Dans le passé, j’avais eu à faire face à d’importantes charges mentales tant familiales (mère de famille nombreuse) que professionnelles (entreprise en difficultés). Désormais à la retraite, j’évolue avec volupté dans une certaine forme de lenteur calculée que procure la liberté d’être et d’avoir du temps pour soi.

 

Entre autres libertés appréciables, il y a celle me permettant de fréquenter qui je veux sans avoir à fournir une quelconque justification à qui que ce soit, celle que pigmentent les instants respirés à pleins poumons l’air pur le long de mon Lez bien-aimé, celle de lire ou d’écrire jusqu’à l’aube etc… Une fois cette lenteur mise en place, j’éprouve alors une attirance presque physique pour tout ce qui est fulgurant, lumineusement évoquant.

 

Peut-on imaginer chose plus poétique que cette illusion d’aller plus vite que la lumière ?

 

Sur deux petites colonnes du Monde en date du 21 juillet 2000 (Ciel !

 

déjà presque deux décennies !), Pierre Barthélémy rapporte que :

 

«Des chercheurs étaient parvenus à surmonter l’ultime barrière, la vitesse de la lumière ! Le milieu scientifique avait pourtant adopté une attitude prudente, réservant ses commentaires jusqu’à la publication de l’étude menée par une équipe de recherche de la société d’informatique japonaise NEC, installée à Princeton (New Jersey) … La physique n’en sortira pas révolutionnée, comme une interprétation hâtive des résultats avait pu le laisser croire. Risquaient d’être violés rien moins que la théorie d’Einstein et le « principe de causalité » selon lesquels aucun objet, aucune information ne peut aller plus vite que la lumière dans le vide. En dépassant cette limite, on a en effet, toutes les chances de se trouver en face du paradoxe dit du grand-père, un classique de la science-fiction. Imaginez un astronaute voyageant dans un vaisseau spatial supraluminique (plus rapide que la lumière). La théorie de la relativité prévoit qu’alors il remontera dans le temps.

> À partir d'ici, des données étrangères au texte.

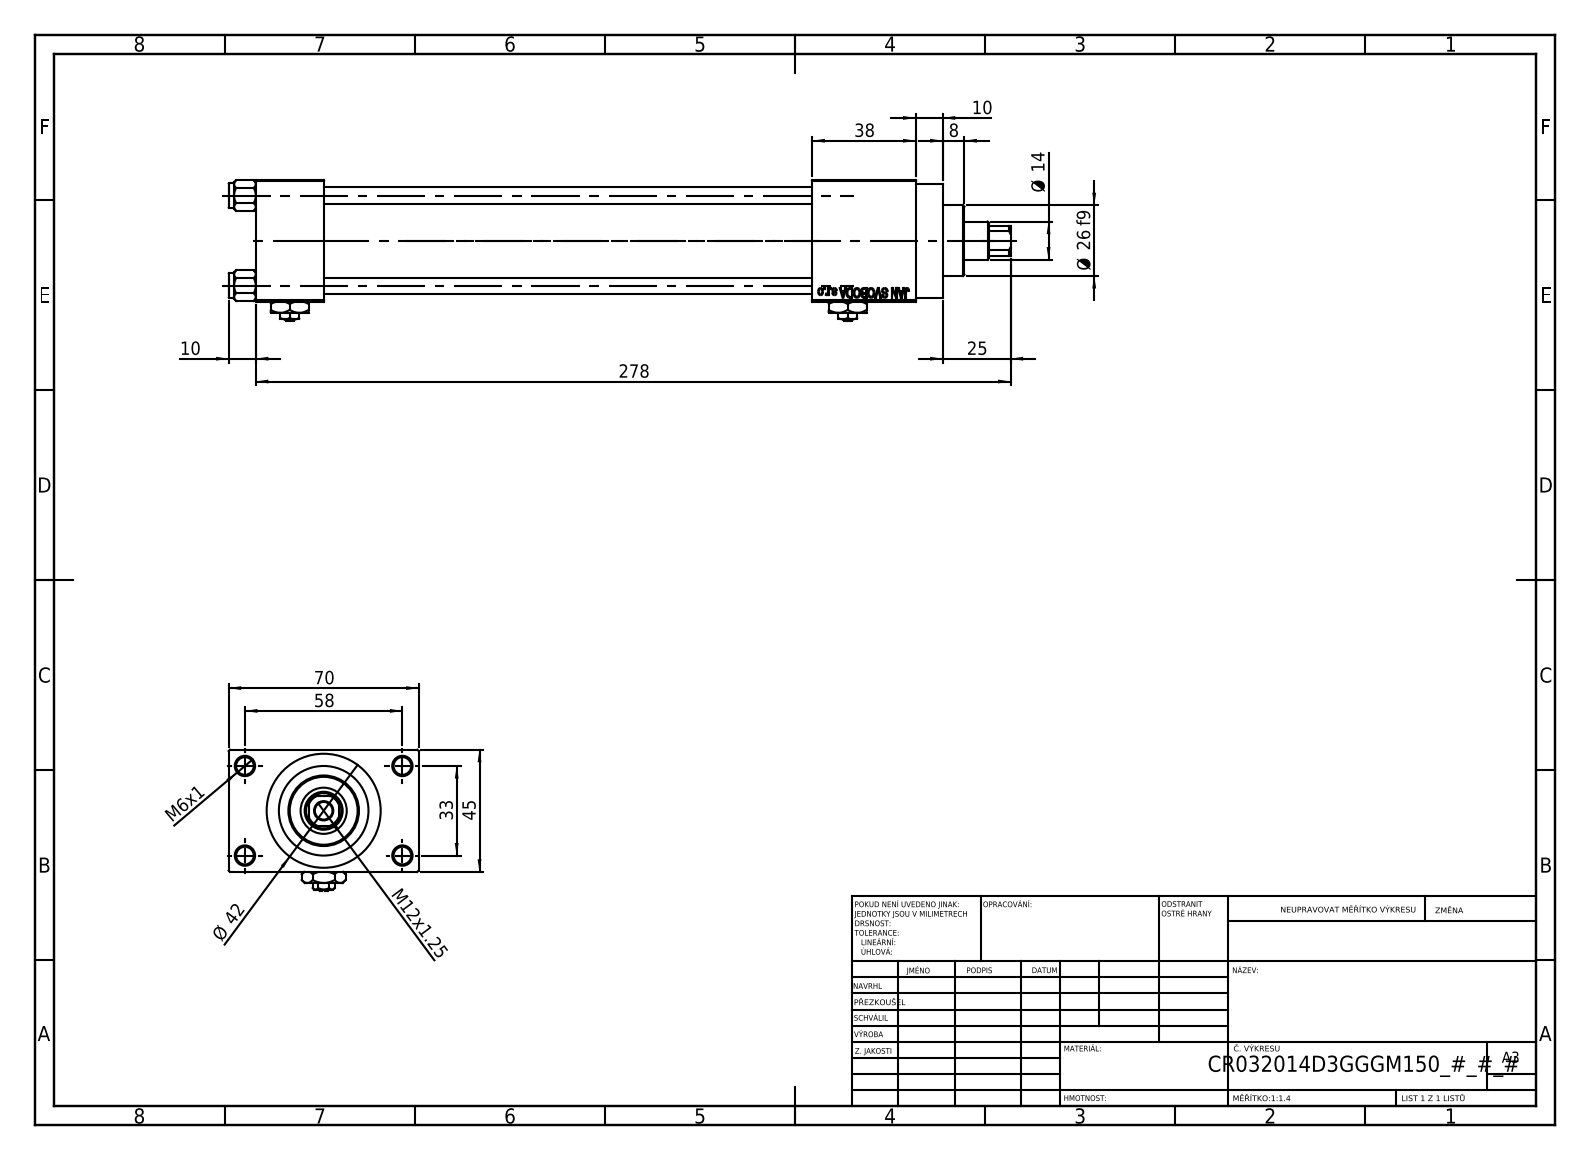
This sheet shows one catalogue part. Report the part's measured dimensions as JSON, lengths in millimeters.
{"part_name": "V215CR_VCP_D; Zatka_pro_OIL_PORT; V215CR_D_Body; V215CR_D_TYCINKA (+2 more)", "step_written_by": "SolidWorks 2019 (CONFIG_CONTROL_DESIGN)", "units": "millimeters", "bodies": {"solids": 13, "faces": 1202, "planar": 542, "cylindrical": 100, "other": 560}, "overall_size": [288, 70, 52], "volume_mm3": 308295, "surface_area_mm2": 120725, "round_holes": [[6.5, 5], [6, 4], [7, 2], [13.16, 2], [20, 2], [14, 1], [17, 1], [24, 1], [32, 1], [33, 1]], "round_bosses_or_shafts": [[9, 4], [42, 1], [38, 1], [26, 1]], "partial_cylinders_radius": [[6.5, 1]], "face_to_face_distances": [45, 25, 12.5, 57.5, 180, 205, 218, 70, 38, 243], "hole_center_spacings": [12.4, 23.48, 33.2, 33.37, 35.35, 45.6, 56.35, 33]}

Il pourrait, par exemple, revenir sur Terre deux générations en arrière et tuer son grand-père avant que celui-ci n’ait le temps de concevoir sa mère. Alors l’astronaute existe-t-il ? C’est ce genre de paradoxe qui a fait « interdire » de tels voyages supraluminiques … »

 

Il est évident qu’il n’est pas du tout dans mon intention de « tuer » mon grand-père même par le biais de la science-fiction. Je tiens à exister, moi, en tant que la fille unique de ma Mère.

 

La solution serait probablement de ressusciter les flux et reflux du vécu de notre histoire familiale. Grâce à ce détour où voguent, seules, les dérives de mon imaginaire.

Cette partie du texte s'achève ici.